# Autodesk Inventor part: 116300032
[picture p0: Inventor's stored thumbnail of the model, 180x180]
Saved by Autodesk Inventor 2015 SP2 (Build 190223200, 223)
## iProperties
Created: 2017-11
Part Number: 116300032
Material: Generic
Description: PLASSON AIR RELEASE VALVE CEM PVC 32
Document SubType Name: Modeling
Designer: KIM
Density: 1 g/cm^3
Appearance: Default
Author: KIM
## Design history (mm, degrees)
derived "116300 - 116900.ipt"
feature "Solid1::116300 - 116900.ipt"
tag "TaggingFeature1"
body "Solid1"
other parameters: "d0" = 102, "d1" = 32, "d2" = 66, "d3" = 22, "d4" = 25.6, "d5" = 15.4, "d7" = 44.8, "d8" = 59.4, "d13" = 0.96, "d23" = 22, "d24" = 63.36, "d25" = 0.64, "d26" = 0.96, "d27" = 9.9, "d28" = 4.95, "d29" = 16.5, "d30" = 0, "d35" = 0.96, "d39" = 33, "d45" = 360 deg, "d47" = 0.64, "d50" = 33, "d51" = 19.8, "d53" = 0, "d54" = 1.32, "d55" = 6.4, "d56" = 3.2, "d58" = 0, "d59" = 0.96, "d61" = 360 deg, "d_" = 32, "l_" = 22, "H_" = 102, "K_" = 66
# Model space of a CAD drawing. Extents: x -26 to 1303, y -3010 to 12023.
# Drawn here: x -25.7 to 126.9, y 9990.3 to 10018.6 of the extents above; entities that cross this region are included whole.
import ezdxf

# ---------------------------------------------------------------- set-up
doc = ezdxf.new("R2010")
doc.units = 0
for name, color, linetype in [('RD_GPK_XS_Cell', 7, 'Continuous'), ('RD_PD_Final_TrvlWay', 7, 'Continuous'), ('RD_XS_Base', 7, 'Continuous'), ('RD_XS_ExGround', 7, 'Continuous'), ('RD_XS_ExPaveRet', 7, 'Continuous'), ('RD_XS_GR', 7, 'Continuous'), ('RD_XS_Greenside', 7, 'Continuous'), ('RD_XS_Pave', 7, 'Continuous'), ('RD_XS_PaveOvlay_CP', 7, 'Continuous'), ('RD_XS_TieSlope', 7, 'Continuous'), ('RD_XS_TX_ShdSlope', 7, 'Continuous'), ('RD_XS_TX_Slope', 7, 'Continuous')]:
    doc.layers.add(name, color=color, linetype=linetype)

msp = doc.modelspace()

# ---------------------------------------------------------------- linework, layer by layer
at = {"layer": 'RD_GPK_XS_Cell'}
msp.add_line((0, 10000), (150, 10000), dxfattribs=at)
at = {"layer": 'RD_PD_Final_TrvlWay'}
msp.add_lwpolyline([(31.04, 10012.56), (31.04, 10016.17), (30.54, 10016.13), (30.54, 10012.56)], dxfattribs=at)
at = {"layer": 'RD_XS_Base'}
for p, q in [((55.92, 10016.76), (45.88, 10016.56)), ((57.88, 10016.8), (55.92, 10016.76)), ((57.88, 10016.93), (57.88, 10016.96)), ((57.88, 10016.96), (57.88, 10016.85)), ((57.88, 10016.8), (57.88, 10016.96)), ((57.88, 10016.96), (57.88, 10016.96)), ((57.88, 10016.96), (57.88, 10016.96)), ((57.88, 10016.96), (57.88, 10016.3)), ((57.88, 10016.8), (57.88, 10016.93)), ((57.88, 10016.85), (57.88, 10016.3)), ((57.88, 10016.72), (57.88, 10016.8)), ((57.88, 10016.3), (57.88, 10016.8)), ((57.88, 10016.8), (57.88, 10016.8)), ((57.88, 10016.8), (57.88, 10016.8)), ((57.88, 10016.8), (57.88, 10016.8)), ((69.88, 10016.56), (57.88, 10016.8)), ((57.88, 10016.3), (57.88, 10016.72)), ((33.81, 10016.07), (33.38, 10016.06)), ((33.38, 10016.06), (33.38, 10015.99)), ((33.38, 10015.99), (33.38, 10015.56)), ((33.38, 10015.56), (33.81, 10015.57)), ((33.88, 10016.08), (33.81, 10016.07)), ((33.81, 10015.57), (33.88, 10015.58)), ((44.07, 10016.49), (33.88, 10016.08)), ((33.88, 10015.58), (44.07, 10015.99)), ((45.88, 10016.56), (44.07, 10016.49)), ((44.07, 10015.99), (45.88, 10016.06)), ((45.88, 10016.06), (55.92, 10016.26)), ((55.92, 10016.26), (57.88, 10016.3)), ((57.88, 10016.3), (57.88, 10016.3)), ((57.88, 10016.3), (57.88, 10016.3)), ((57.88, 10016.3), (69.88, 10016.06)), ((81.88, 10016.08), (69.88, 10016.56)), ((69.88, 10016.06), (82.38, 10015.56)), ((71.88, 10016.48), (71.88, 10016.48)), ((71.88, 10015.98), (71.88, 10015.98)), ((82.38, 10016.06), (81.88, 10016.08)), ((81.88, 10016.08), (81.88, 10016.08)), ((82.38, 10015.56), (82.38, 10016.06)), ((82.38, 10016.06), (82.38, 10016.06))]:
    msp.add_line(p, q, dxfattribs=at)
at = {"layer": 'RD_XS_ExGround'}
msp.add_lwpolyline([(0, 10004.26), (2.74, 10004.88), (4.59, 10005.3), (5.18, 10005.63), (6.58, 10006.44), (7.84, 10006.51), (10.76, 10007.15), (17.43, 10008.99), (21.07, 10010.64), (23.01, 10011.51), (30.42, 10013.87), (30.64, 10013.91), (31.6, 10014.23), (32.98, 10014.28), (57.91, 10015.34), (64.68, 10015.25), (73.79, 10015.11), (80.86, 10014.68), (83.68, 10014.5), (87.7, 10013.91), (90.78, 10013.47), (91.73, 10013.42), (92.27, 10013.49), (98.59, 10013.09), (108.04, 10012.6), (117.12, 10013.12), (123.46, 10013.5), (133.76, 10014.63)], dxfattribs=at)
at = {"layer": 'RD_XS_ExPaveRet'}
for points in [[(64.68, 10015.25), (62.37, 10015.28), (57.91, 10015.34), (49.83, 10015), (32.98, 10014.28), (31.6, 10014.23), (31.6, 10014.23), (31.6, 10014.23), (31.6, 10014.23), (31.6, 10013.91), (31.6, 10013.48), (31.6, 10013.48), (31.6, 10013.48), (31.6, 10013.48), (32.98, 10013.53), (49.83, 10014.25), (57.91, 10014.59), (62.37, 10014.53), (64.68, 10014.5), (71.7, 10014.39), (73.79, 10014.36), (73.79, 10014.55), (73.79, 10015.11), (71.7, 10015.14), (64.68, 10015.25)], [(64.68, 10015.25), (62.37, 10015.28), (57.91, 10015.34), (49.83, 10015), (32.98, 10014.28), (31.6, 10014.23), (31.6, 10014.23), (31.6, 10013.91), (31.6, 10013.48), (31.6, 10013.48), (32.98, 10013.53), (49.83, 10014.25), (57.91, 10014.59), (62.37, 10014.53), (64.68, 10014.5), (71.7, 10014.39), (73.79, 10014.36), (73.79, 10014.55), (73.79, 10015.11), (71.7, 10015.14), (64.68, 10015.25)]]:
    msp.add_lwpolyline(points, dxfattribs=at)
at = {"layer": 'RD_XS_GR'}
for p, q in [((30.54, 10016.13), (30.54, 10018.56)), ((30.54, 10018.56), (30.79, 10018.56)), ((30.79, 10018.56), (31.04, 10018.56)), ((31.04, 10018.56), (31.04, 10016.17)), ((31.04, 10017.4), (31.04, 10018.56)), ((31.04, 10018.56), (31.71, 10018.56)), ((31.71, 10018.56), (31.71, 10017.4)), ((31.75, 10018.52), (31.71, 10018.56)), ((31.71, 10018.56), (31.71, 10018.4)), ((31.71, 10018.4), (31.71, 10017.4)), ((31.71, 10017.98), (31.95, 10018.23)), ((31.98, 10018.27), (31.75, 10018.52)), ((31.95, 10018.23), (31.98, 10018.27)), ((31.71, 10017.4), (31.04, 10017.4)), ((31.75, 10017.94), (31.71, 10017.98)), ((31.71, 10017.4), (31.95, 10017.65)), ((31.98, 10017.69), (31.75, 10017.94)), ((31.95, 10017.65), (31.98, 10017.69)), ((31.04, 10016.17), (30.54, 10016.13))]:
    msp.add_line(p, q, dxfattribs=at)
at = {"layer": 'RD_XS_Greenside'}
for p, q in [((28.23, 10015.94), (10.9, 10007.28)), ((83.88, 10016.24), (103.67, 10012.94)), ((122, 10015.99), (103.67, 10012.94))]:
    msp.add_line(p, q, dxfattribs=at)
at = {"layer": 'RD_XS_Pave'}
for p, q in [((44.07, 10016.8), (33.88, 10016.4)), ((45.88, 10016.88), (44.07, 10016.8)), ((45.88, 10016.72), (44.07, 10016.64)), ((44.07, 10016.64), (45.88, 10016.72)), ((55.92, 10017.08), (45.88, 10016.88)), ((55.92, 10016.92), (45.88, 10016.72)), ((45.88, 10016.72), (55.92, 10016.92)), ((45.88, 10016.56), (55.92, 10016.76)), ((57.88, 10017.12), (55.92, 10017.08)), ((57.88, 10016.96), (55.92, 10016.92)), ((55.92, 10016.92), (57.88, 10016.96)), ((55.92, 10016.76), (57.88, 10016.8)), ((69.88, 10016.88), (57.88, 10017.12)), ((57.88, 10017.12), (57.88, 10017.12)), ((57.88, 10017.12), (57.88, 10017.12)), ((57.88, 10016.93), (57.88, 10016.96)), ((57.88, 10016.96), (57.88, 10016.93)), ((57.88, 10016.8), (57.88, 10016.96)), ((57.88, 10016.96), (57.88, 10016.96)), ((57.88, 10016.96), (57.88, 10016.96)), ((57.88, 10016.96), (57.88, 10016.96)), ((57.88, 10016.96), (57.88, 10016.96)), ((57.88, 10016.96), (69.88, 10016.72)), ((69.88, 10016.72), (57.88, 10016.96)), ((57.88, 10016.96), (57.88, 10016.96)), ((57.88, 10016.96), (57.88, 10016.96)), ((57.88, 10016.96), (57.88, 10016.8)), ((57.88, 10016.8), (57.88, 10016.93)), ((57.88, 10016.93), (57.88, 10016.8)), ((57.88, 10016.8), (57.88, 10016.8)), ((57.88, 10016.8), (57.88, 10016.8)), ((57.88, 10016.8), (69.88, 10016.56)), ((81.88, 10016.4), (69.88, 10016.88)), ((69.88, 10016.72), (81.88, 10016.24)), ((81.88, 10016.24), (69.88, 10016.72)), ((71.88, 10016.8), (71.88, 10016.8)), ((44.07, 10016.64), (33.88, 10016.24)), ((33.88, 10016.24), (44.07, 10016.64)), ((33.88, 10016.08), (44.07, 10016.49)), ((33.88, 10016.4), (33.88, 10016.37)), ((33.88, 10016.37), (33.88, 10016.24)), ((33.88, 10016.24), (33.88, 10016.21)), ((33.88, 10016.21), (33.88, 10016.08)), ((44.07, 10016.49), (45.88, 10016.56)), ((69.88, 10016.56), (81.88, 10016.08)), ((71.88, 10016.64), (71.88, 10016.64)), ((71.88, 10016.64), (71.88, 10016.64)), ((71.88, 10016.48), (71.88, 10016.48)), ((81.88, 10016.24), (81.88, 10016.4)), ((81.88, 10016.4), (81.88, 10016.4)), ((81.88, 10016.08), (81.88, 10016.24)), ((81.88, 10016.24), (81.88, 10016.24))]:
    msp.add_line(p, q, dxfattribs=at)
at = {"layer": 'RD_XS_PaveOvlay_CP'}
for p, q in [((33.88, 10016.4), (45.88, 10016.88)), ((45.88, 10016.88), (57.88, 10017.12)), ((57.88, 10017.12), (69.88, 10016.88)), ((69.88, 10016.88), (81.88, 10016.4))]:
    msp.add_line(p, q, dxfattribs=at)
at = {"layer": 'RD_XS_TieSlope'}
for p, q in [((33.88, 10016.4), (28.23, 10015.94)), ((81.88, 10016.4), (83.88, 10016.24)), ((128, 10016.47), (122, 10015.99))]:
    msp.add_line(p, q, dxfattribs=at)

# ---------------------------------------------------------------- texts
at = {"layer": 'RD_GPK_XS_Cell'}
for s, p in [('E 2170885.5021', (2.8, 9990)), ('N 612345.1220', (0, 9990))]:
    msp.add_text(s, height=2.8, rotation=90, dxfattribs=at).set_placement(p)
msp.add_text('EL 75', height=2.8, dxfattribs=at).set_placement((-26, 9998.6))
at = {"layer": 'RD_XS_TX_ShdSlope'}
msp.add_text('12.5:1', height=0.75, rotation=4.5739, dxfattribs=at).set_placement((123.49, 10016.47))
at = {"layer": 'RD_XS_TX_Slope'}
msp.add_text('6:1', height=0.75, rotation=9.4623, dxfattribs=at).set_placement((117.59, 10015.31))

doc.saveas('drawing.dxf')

******

The lines to retype run from the start of the entries through the line containing "Description: PLASSON AIR"; reproduce them exactly and add nothing.

[THE ANSWER]:
# Autodesk Inventor part: 116300032
[picture p0: Inventor's stored thumbnail of the model, 180x180]
Saved by Autodesk Inventor 2015 SP2 (Build 190223200, 223)
## iProperties
Created: 2017-11
Part Number: 116300032
Material: Generic
Description: PLASSON AIR RELEASE VALVE CEM PVC 32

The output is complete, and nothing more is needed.